Police stopped Mr. Bowen from commenting further. Authorities say only two shots were fired.
The shots hit Mr. Black in the abdomen. He was in critical condition for several hours at University Hospital but was pronounced dead Friday afternoon. Police said they did not know his address or neighborhood.
Just before the pop of quick shots, Greg Williams, who was working inside Gfroerer carpet-cleaning company on Clifton Avenue, heard what sounded like someone yelling at a dog.
"Get down! Get down!" the voice called. Mr. Williams, 37, later learned the voice came from a Cincinnati police officer. Mr. Black was shot in front of the carpet-cleaning business.
"I was born and raised just down the street," Mr. Williams said. "You get used to a lot of stuff going on here. But this is the first time I heard an actual gunshot."
Officers found a loaded .22-caliber semiautomatic handgun in a coat left at the university center, but had not confirmed it was Mr. Black's.
Officer Eichhorn received a minor injury to his right forearm in the scuffle. He is on administrative leave pending a routine evaluation from a police psychologist to determine whether he is fit to return to duty.
The shooting has sparked three investigations, which are routine when police are involved in shootings. The Cincinnati Police Division's homicide and internal investigation units will conduct the first two, and the city's Office of Municipal Investigations will do an independent review.
A rash of robberies
The incident was the seventh bank robbery in Hamilton County in the past two weeks. That's half as many bank robberies as in all of last year in Hamilton, Clermont and Brown counties, according to FBI statistics.
"For the area, we're pretty much on par with other years," said David Welker, a special agent in the FBI's Cincinnati office. The area typically has about two dozen bank robberies a year, he said.

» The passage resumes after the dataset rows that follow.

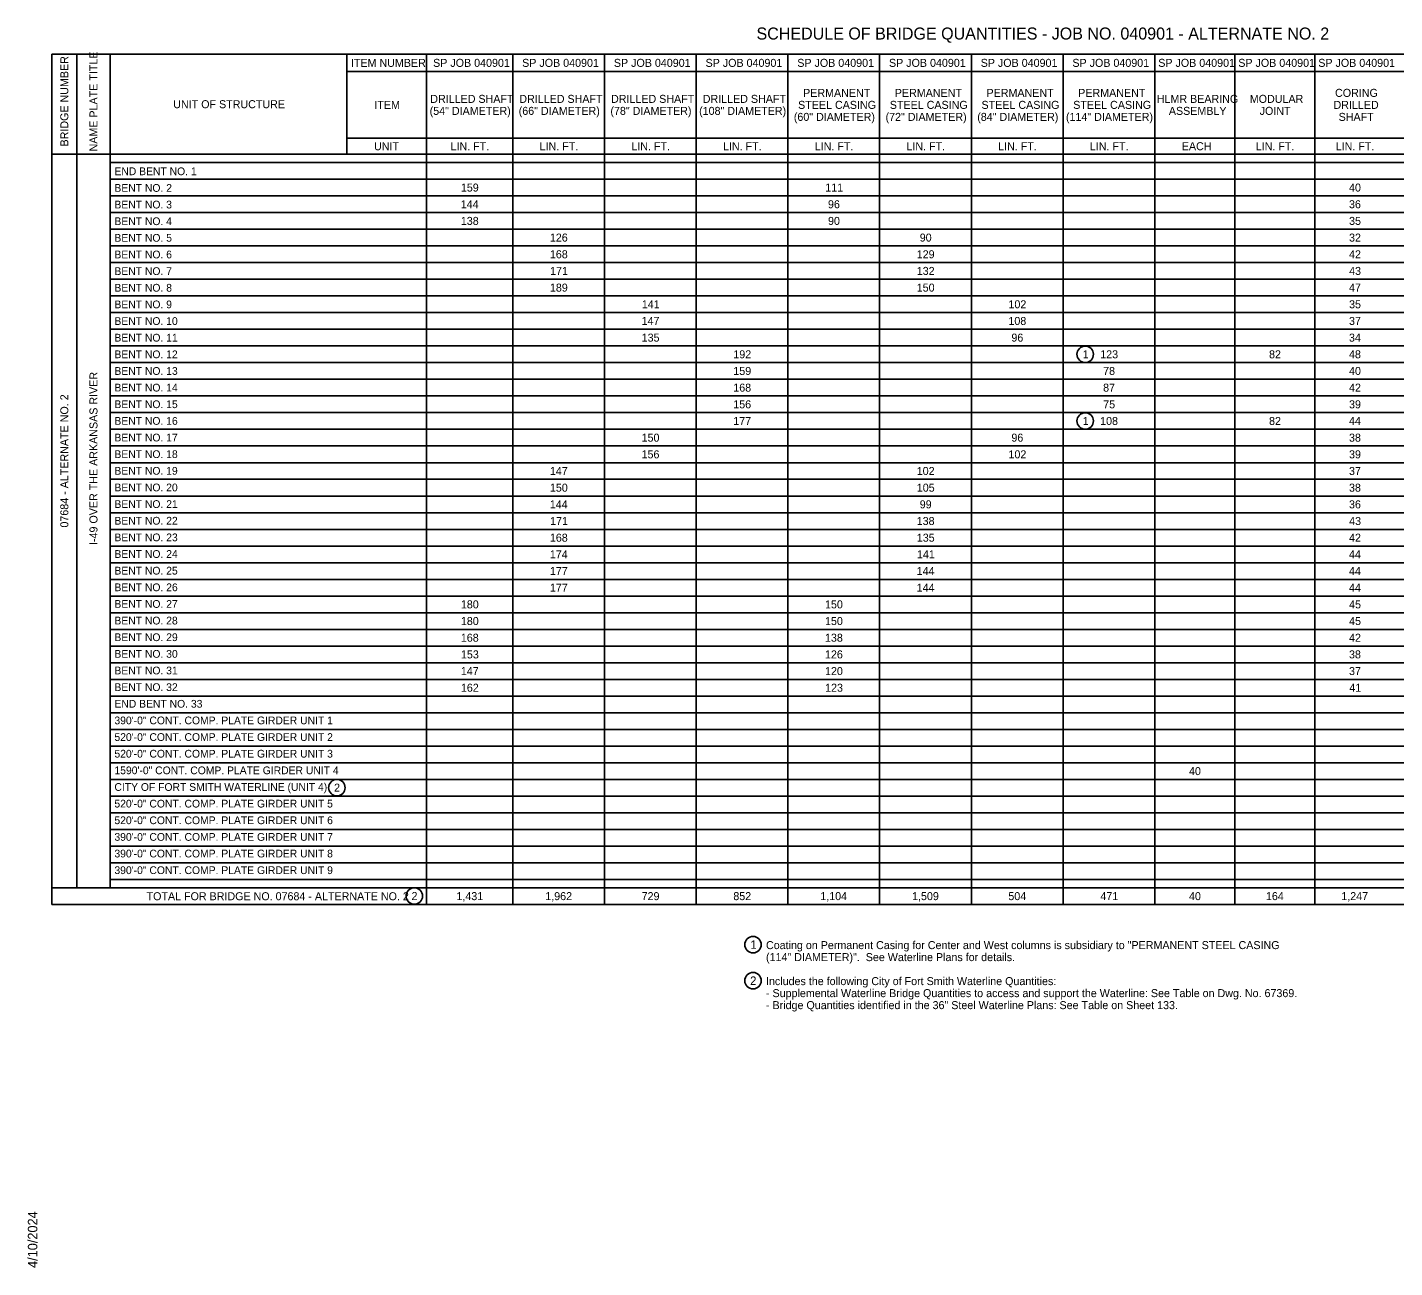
# Model space of a CAD drawing. Extents: x 0.06 to 1.36, y 0.04 to 0.85.
# Drawn here: x 0.06 to 0.914, y 0.079 to 0.854 of the extents above; entities that cross this region are included whole.
import ezdxf

# ---------------------------------------------------------------- set-up
doc = ezdxf.new("R2010")
doc.units = 0
for name, color, linetype in [('R_ROW', 7, 'Continuous'), ('R_Shade By Others', 7, 'Continuous'), ('R_Survey Control', 7, 'Continuous'), ('R_Wall', 7, 'Continuous')]:
    doc.layers.add(name, color=color, linetype=linetype)

msp = doc.modelspace()

# ---------------------------------------------------------------- linework, layer by layer
at = {"layer": 'R_Survey Control'}
for p, q in [((0.07508, 0.3057), (0.07508, 0.83695)), ((0.07508, 0.83695), (1.30054, 0.83695)), ((0.09071, 0.31612), (0.09071, 0.83695)), ((0.11154, 0.31612), (0.11154, 0.83695)), ((0.11154, 0.77445), (0.11154, 0.83695)), ((0.2593, 0.77445), (0.2593, 0.83695)), ((0.30915, 0.83695), (0.30915, 0.3057)), ((0.36311, 0.83695), (0.36311, 0.3057)), ((0.4204, 0.83695), (0.4204, 0.3057)), ((0.47769, 0.83695), (0.47769, 0.3057)), ((0.53498, 0.83695), (0.53498, 0.3057)), ((0.59227, 0.83695), (0.59227, 0.3057)), ((0.64957, 0.83695), (0.64957, 0.3057)), ((0.70686, 0.83695), (0.70686, 0.3057)), ((0.76415, 0.83695), (0.76415, 0.3057)), ((0.81414, 0.83695), (0.81414, 0.3057)), ((0.86412, 0.83695), (0.86412, 0.3057)), ((0.2593, 0.78445), (1.30054, 0.78445)), ((0.07508, 0.77445), (1.30054, 0.77445)), ((0.11154, 0.76924), (1.30054, 0.76924)), ((0.11154, 0.75883), (1.30054, 0.75883)), ((0.11154, 0.74841), (1.30054, 0.74841)), ((0.11154, 0.73799), (1.30054, 0.73799)), ((0.11154, 0.72758), (1.30054, 0.72758)), ((0.11154, 0.71716), (1.30054, 0.71716)), ((0.11154, 0.70674), (1.30054, 0.70674)), ((0.11154, 0.69633), (1.30054, 0.69633)), ((0.11154, 0.68591), (1.30054, 0.68591)), ((0.11154, 0.67549), (1.30054, 0.67549)), ((0.11154, 0.66508), (1.30054, 0.66508)), ((0.11154, 0.65466), (1.30054, 0.65466)), ((0.11154, 0.64424), (1.30054, 0.64424)), ((0.11154, 0.63383), (1.30054, 0.63383)), ((0.11154, 0.62341), (1.30054, 0.62341)), ((0.11154, 0.61299), (1.30054, 0.61299)), ((0.11154, 0.60258), (1.30054, 0.60258)), ((0.11154, 0.59216), (1.30054, 0.59216)), ((0.11154, 0.58174), (1.30054, 0.58174)), ((0.11154, 0.57133), (1.30054, 0.57133)), ((0.11154, 0.56091), (1.30054, 0.56091)), ((0.11154, 0.55049), (1.30054, 0.55049)), ((0.11154, 0.54008), (1.30054, 0.54008)), ((0.11154, 0.52966), (1.30054, 0.52966)), ((0.11154, 0.51924), (1.30054, 0.51924)), ((0.11154, 0.50883), (1.30054, 0.50883)), ((0.11154, 0.49841), (1.30054, 0.49841)), ((0.11154, 0.48799), (1.30054, 0.48799)), ((0.11154, 0.47758), (1.30054, 0.47758)), ((0.11154, 0.46716), (1.30054, 0.46716)), ((0.11154, 0.45674), (1.30054, 0.45674)), ((0.11154, 0.44633), (1.30054, 0.44633)), ((0.11154, 0.43591), (1.30054, 0.43591)), ((0.11154, 0.42549), (1.30054, 0.42549)), ((0.11154, 0.41508), (1.30054, 0.41508)), ((0.11154, 0.40466), (1.30054, 0.40466)), ((0.11154, 0.39424), (1.30054, 0.39424)), ((0.11154, 0.38383), (1.30054, 0.38383)), ((0.11154, 0.37341), (1.30054, 0.37341)), ((0.11154, 0.36299), (1.30054, 0.36299)), ((0.11154, 0.35258), (1.30054, 0.35258)), ((0.11154, 0.34216), (1.30054, 0.34216)), ((0.11154, 0.33174), (1.30054, 0.33174)), ((0.07508, 0.31612), (1.30054, 0.31612)), ((0.11154, 0.32133), (1.30054, 0.32133)), ((0.07508, 0.3057), (1.30054, 0.3057))]:
    msp.add_line(p, q, dxfattribs=at)
msp.add_lwpolyline([(0.2593, 0.82612), (0.30758, 0.82612), (0.36154, 0.82612), (0.40321, 0.82612), (0.44487, 0.82612), (0.49175, 0.82612), (0.52821, 0.82612), (0.58029, 0.82612), (0.64019, 0.82612), (0.7079, 0.82612), (0.75998, 0.82612), (0.81206, 0.82612), (0.85894, 0.82612), (0.86623, 0.82612), (0.92873, 0.82612), (0.99644, 0.82612), (1.06415, 0.82612), (1.11623, 0.82612), (1.16831, 0.82612), (1.30054, 0.82612)], dxfattribs=at)
at = {"layer": 'R_Wall'}
for p, q in [((0.07508, 0.77445), (0.09071, 0.77445)), ((0.09071, 0.77445), (0.11154, 0.77445))]:
    msp.add_line(p, q, dxfattribs=at)
for centre in [(0.7207, 0.64945), (0.7207, 0.60779), (0.25316, 0.37868), (0.30155, 0.31097), (0.51317, 0.28059), (0.51317, 0.25809)]:
    msp.add_circle(centre, 0.00515, dxfattribs=at)

# ---------------------------------------------------------------- texts
at = {"layer": 'R_ROW'}
msp.add_text('SCHEDULE OF BRIDGE QUANTITIES - JOB NO. 040901 - ALTERNATE NO. 2', height=0.0075, dxfattribs=at).set_placement((0.51531, 0.84612))
at = {"layer": 'R_Shade By Others'}
msp.add_text('4/10/2024', height=0.00595, rotation=89.99995, dxfattribs=at).set_placement((0.06607, 0.0786))
at = {"layer": 'R_Survey Control'}
for s, p in [('NAME PLATE TITLE', (0.10362, 0.77619)), ('BRIDGE NUMBER', (0.0854, 0.77929)), ('I-49 OVER THE ARKANSAS RIVER', (0.10362, 0.53031)), ('07684 - ALTERNATE NO. 2', (0.0854, 0.54119))]:
    msp.add_text(s, height=0.005, rotation=90, dxfattribs=at).set_placement(p)
for s, height, p in [('ITEM NUMBER', 0.005, (0.26194, 0.82904)), ('SP JOB 040901', 0.005, (0.3133, 0.82904)), ('SP JOB 040901', 0.005, (0.36892, 0.82904)), ('SP JOB 040901', 0.005, (0.42622, 0.82904)), ('SP JOB 040901', 0.005, (0.48351, 0.82904)), ('SP JOB 040901', 0.005, (0.5408, 0.82904)), ('SP JOB 040901', 0.005, (0.59809, 0.82904)), ('SP JOB 040901', 0.005, (0.65538, 0.82904)), ('SP JOB 040901', 0.005, (0.71267, 0.82904)), ('SP JOB 040901', 0.005, (0.76631, 0.82904)), ('SP JOB 040901', 0.005, (0.8163, 0.82904)), ('SP JOB 040901', 0.005, (0.86628, 0.82904)), ('DRILLED SHAFT', 0.005, (0.31153, 0.80654)), ('DRILLED SHAFT', 0.005, (0.36715, 0.80654)), ('DRILLED SHAFT', 0.005, (0.42444, 0.80654)), ('DRILLED SHAFT', 0.005, (0.48174, 0.80654)), ('PERMANENT', 0.005, (0.54443, 0.81029)), ('PERMANENT', 0.005, (0.60172, 0.81029)), ('PERMANENT', 0.005, (0.65901, 0.81029)), ('PERMANENT', 0.005, (0.71631, 0.81029)), ('HLMR BEARING', 0.005, (0.76539, 0.80654)), ('MODULAR', 0.005, (0.8235, 0.80654)), ('CORING', 0.005, (0.87677, 0.81029)), ('UNIT OF STRUCTURE', 0.005, (0.15095, 0.8032)), ('ITEM', 0.005, (0.27661, 0.80279)), ('(54" DIAMETER)', 0.005, (0.31114, 0.79904)), ('(66" DIAMETER)', 0.005, (0.36677, 0.79904)), ('(78" DIAMETER)', 0.005, (0.42406, 0.79904)), ('(108" DIAMETER)', 0.005, (0.47948, 0.79904)), ('STEEL CASING', 0.005, (0.54131, 0.80279)), ('STEEL CASING', 0.005, (0.59861, 0.80279)), ('STEEL CASING', 0.005, (0.6559, 0.80279)), ('STEEL CASING', 0.005, (0.71319, 0.80279)), ('ASSEMBLY', 0.005, (0.77293, 0.79904)), ('JOINT', 0.005, (0.82968, 0.79904)), ('DRILLED', 0.005, (0.87579, 0.80279)), ('(60" DIAMETER)', 0.005, (0.53864, 0.79529)), ('(72" DIAMETER)', 0.005, (0.59594, 0.79529)), ('(84" DIAMETER)', 0.005, (0.65323, 0.79529)), ('(114" DIAMETER)', 0.005, (0.70864, 0.79529)), ('SHAFT', 0.005, (0.87901, 0.79529)), ('UNIT', 0.005, (0.27638, 0.77695)), ('LIN. FT.', 0.005, (0.32421, 0.77695)), ('LIN. FT.', 0.005, (0.37983, 0.77695)), ('LIN. FT.', 0.005, (0.43712, 0.77695)), ('LIN. FT.', 0.005, (0.49441, 0.77695)), ('LIN. FT.', 0.005, (0.55171, 0.77695)), ('LIN. FT.', 0.005, (0.609, 0.77695)), ('LIN. FT.', 0.005, (0.66629, 0.77695)), ('LIN. FT.', 0.005, (0.72358, 0.77695)), ('EACH', 0.005, (0.78102, 0.77695)), ('LIN. FT.', 0.005, (0.82721, 0.77695)), ('LIN. FT.', 0.005, (0.87718, 0.77695)), ('END BENT NO. 1', 0.0048358, (0.11421, 0.76137)), ('BENT NO. 2', 0.004836, (0.11421, 0.75098)), ('159', 0.005, (0.33064, 0.75112)), ('111', 0.005, (0.55828, 0.75112)), ('40', 0.005, (0.8855, 0.75112)), ('BENT NO. 3', 0.004836, (0.11421, 0.74058)), ('144', 0.005, (0.33058, 0.7407)), ('96', 0.005, (0.55999, 0.7407)), ('36', 0.005, (0.88547, 0.7407)), ('BENT NO. 4', 0.004836, (0.11421, 0.73018)), ('138', 0.005, (0.33062, 0.73029)), ('90', 0.005, (0.56001, 0.73029)), ('35', 0.005, (0.88554, 0.73029)), ('BENT NO. 5', 0.004836, (0.11421, 0.71979)), ('126', 0.005, (0.38624, 0.71987)), ('90', 0.005, (0.61731, 0.71987)), ('32', 0.005, (0.88551, 0.71987)), ('BENT NO. 6', 0.004836, (0.11421, 0.70939)), ('168', 0.005, (0.38625, 0.70945)), ('129', 0.005, (0.61543, 0.70945)), ('42', 0.005, (0.88551, 0.70945)), ('BENT NO. 7', 0.004836, (0.11421, 0.69899)), ('171', 0.005, (0.3864, 0.69904)), ('132', 0.005, (0.61544, 0.69904)), ('43', 0.005, (0.88556, 0.69904)), ('BENT NO. 8', 0.004836, (0.11421, 0.6886)), ('189', 0.005, (0.38627, 0.68862)), ('150', 0.005, (0.61543, 0.68862)), ('47', 0.005, (0.88548, 0.68862)), ('BENT NO. 9', 0.004836, (0.11421, 0.6782)), ('141', 0.005, (0.44369, 0.6782)), ('102', 0.005, (0.67274, 0.6782)), ('35', 0.005, (0.88554, 0.6782)), ('BENT NO. 10', 0.0048358, (0.11421, 0.6678)), ('147', 0.005, (0.44354, 0.66779)), ('108', 0.005, (0.67271, 0.66779)), ('37', 0.005, (0.88548, 0.66779)), ('BENT NO. 11', 0.0048358, (0.11421, 0.65741)), ('135', 0.005, (0.44359, 0.65737)), ('96', 0.005, (0.67457, 0.65737)), ('34', 0.005, (0.88545, 0.65737)), ('BENT NO. 12', 0.0048358, (0.11421, 0.64701)), ('192', 0.005, (0.50086, 0.64695)), ('123', 0.005, (0.73007, 0.64695)), ('82', 0.005, (0.83553, 0.64695)), ('48', 0.005, (0.88548, 0.64695)), ('BENT NO. 13', 0.0048358, (0.11421, 0.63661)), ('159', 0.005, (0.50085, 0.63654)), ('78', 0.005, (0.73187, 0.63654)), ('40', 0.005, (0.8855, 0.63654)), ('BENT NO. 14', 0.0048358, (0.11421, 0.62621)), ('168', 0.005, (0.50083, 0.62612)), ('87', 0.005, (0.73187, 0.62612)), ('42', 0.005, (0.88551, 0.62612)), ('BENT NO. 15', 0.0048358, (0.11421, 0.61582)), ('156', 0.005, (0.50082, 0.6157)), ('75', 0.005, (0.73193, 0.6157)), ('39', 0.005, (0.8855, 0.6157)), ('BENT NO. 16', 0.0048358, (0.11421, 0.60542)), ('177', 0.005, (0.50083, 0.60529)), ('108', 0.005, (0.73, 0.60529)), ('82', 0.005, (0.83553, 0.60529)), ('44', 0.005, (0.88545, 0.60529)), ('BENT NO. 17', 0.0048358, (0.11421, 0.59502)), ('150', 0.005, (0.44355, 0.59487)), ('96', 0.005, (0.67457, 0.59487)), ('38', 0.005, (0.88548, 0.59487)), ('BENT NO. 18', 0.0048358, (0.11421, 0.58463)), ('156', 0.005, (0.44353, 0.58445)), ('102', 0.005, (0.67274, 0.58445)), ('39', 0.005, (0.8855, 0.58445)), ('BENT NO. 19', 0.0048358, (0.11421, 0.57423)), ('147', 0.005, (0.38625, 0.57404)), ('102', 0.005, (0.61544, 0.57404)), ('37', 0.005, (0.88548, 0.57404)), ('BENT NO. 20', 0.0048358, (0.11421, 0.56383)), ('150', 0.005, (0.38626, 0.56362)), ('105', 0.005, (0.61547, 0.56362)), ('38', 0.005, (0.88548, 0.56362)), ('BENT NO. 21', 0.0048358, (0.11421, 0.55344)), ('144', 0.005, (0.38621, 0.5532)), ('99', 0.005, (0.61731, 0.5532)), ('36', 0.005, (0.88547, 0.5532)), ('BENT NO. 22', 0.0048358, (0.11421, 0.54304)), ('171', 0.005, (0.3864, 0.54279)), ('138', 0.005, (0.61541, 0.54279)), ('43', 0.005, (0.88556, 0.54279)), ('BENT NO. 23', 0.0048358, (0.11421, 0.53264)), ('168', 0.005, (0.38625, 0.53237)), ('135', 0.005, (0.61547, 0.53237)), ('42', 0.005, (0.88551, 0.53237)), ('BENT NO. 24', 0.0048358, (0.11421, 0.52225)), ('174', 0.005, (0.38621, 0.52195)), ('141', 0.005, (0.61557, 0.52195)), ('44', 0.005, (0.88545, 0.52195)), ('BENT NO. 25', 0.0048358, (0.11421, 0.51185)), ('177', 0.005, (0.38625, 0.51154)), ('144', 0.005, (0.61538, 0.51154)), ('44', 0.005, (0.88545, 0.51154)), ('BENT NO. 26', 0.0048358, (0.11421, 0.50145)), ('177', 0.005, (0.38625, 0.50112)), ('144', 0.005, (0.61538, 0.50112)), ('44', 0.005, (0.88545, 0.50112)), ('BENT NO. 27', 0.0048358, (0.11421, 0.49105)), ('180', 0.005, (0.33064, 0.4907)), ('150', 0.005, (0.55814, 0.4907)), ('45', 0.005, (0.88554, 0.4907)), ('BENT NO. 28', 0.0048358, (0.11421, 0.48066)), ('180', 0.005, (0.33064, 0.48029)), ('150', 0.005, (0.55814, 0.48029)), ('45', 0.005, (0.88554, 0.48029)), ('BENT NO. 29', 0.0048358, (0.11421, 0.47026)), ('168', 0.005, (0.33062, 0.46987)), ('138', 0.005, (0.55812, 0.46987)), ('42', 0.005, (0.88551, 0.46987)), ('BENT NO. 30', 0.0048358, (0.11421, 0.45986)), ('153', 0.005, (0.33069, 0.45945)), ('126', 0.005, (0.55811, 0.45945)), ('38', 0.005, (0.88548, 0.45945)), ('BENT NO. 31', 0.0048358, (0.11421, 0.44947)), ('147', 0.005, (0.33062, 0.44904)), ('120', 0.005, (0.55814, 0.44904)), ('37', 0.005, (0.88548, 0.44904)), ('BENT NO. 32', 0.0048358, (0.11421, 0.43907)), ('162', 0.005, (0.33065, 0.43862)), ('123', 0.005, (0.55819, 0.43862)), ('41', 0.005, (0.88564, 0.43862)), ('END BENT NO. 33', 0.0048358, (0.11421, 0.42867)), ('390\'-0" CONT. COMP. PLATE GIRDER UNIT 1', 0.0048358, (0.11421, 0.41828)), ('520\'-0" CONT. COMP. PLATE GIRDER UNIT 2', 0.0048358, (0.11421, 0.40788)), ('520\'-0" CONT. COMP. PLATE GIRDER UNIT 3', 0.0048358, (0.11421, 0.39748)), ('1590\'-0" CONT. COMP. PLATE GIRDER UNIT 4', 0.0048358, (0.11421, 0.38708)), ('40', 0.005, (0.78553, 0.38654)), ('CITY OF FORT SMITH WATERLINE (UNIT 4)', 0.0048358, (0.11421, 0.37669)), ('520\'-0" CONT. COMP. PLATE GIRDER UNIT 5', 0.0048358, (0.11421, 0.36629)), ('520\'-0" CONT. COMP. PLATE GIRDER UNIT 6', 0.0048358, (0.11421, 0.35589)), ('390\'-0" CONT. COMP. PLATE GIRDER UNIT 7', 0.0048358, (0.11421, 0.3455)), ('390\'-0" CONT. COMP. PLATE GIRDER UNIT 8', 0.0048358, (0.11421, 0.3351)), ('390\'-0" CONT. COMP. PLATE GIRDER UNIT 9', 0.0048358, (0.11421, 0.3247)), ('TOTAL FOR BRIDGE NO. 07684 - ALTERNATE NO. 2', 0.005, (0.13429, 0.30834)), ('1,431', 0.005, (0.32786, 0.30841)), ('1,962', 0.005, (0.38336, 0.30841)), ('729', 0.005, (0.44356, 0.30841)), ('852', 0.005, (0.50086, 0.30841)), ('1,104', 0.005, (0.55517, 0.30841)), ('1,509', 0.005, (0.61252, 0.30841)), ('504', 0.005, (0.67267, 0.30841)), ('471', 0.005, (0.73015, 0.30841)), ('40', 0.005, (0.78553, 0.30841)), ('164', 0.005, (0.83359, 0.30841)), ('1,247', 0.005, (0.88069, 0.30841))]:
    msp.add_text(s, height=height, dxfattribs=at).set_placement(p)
at = {"layer": 'R_Wall'}
for s, height, p in [('1', 0.005, (0.71911, 0.64695)), ('1', 0.005, (0.71911, 0.60529)), ('2', 0.005, (0.25143, 0.37618)), ('2', 0.005, (0.29982, 0.30847)), ('1', 0.00521, (0.51151, 0.27799)), ('Coating on Permanent Casing for Center and West columns is subsidiary to "PERMANENT STEEL CASING ', 0.005, (0.52126, 0.27781)), ('(114" DIAMETER)".  See Waterline Plans for details.', 0.005, (0.52126, 0.27031)), ('2', 0.00521, (0.51138, 0.25549)), ('Includes the following City of Fort Smith Waterline Quantities:', 0.005, (0.52126, 0.25531)), ('- Supplemental Waterline Bridge Quantities to access and support the Waterline: See Table on Dwg. No. 67369.', 0.005, (0.52126, 0.24781)), ('- Bridge Quantities identified in the 36" Steel Waterline Plans: See Table on Sheet 133.', 0.005, (0.52126, 0.24031))]:
    msp.add_text(s, height=height, dxfattribs=at).set_placement(p)

doc.saveas('drawing.dxf')

The average take in a bank robbery is $2,000, and 74 percent of bank robbers in southern Ohio are caught, he said.
"We are fortunate here, considering Columbus has 85 to 100 or more a year," he said, "and Dayton has probably twice as many as we do."
For the hilltop neighborhood caught in a rash of recent violence, that is little consolation.
A little more than two weeks ago, just blocks from this shooting scene, a 21-year-old Mount Auburn man was shot to death by police after he shot at them.
Half a block from that crime scene, two Cincinnati police officers were shot to death in December by a domestic-violence suspect.
Friday's shooting also brought back memories of the Feb. 23, 1997, shooting in Corryville of escaped mental patient Lorenzo Collins, who had lunged at officers with a brick. His death set off protests by African-Americans and advocates for the mentally ill, but officers were cleared of wrongdoing.
The Rev. Damon Lynch Jr., former president of the Baptist Ministers Conference, had been critical of the Collins shooting but said he hopes this shooting does not spark racial division. The officer who fired the shots is white; Mr. Black is African-American.
"I hope that the officer acted within the scope of his training," the Rev. Mr. Lynch said. "I'm sorry to see the young man die. We support his family, and I'm sure the officer is shaken up as well."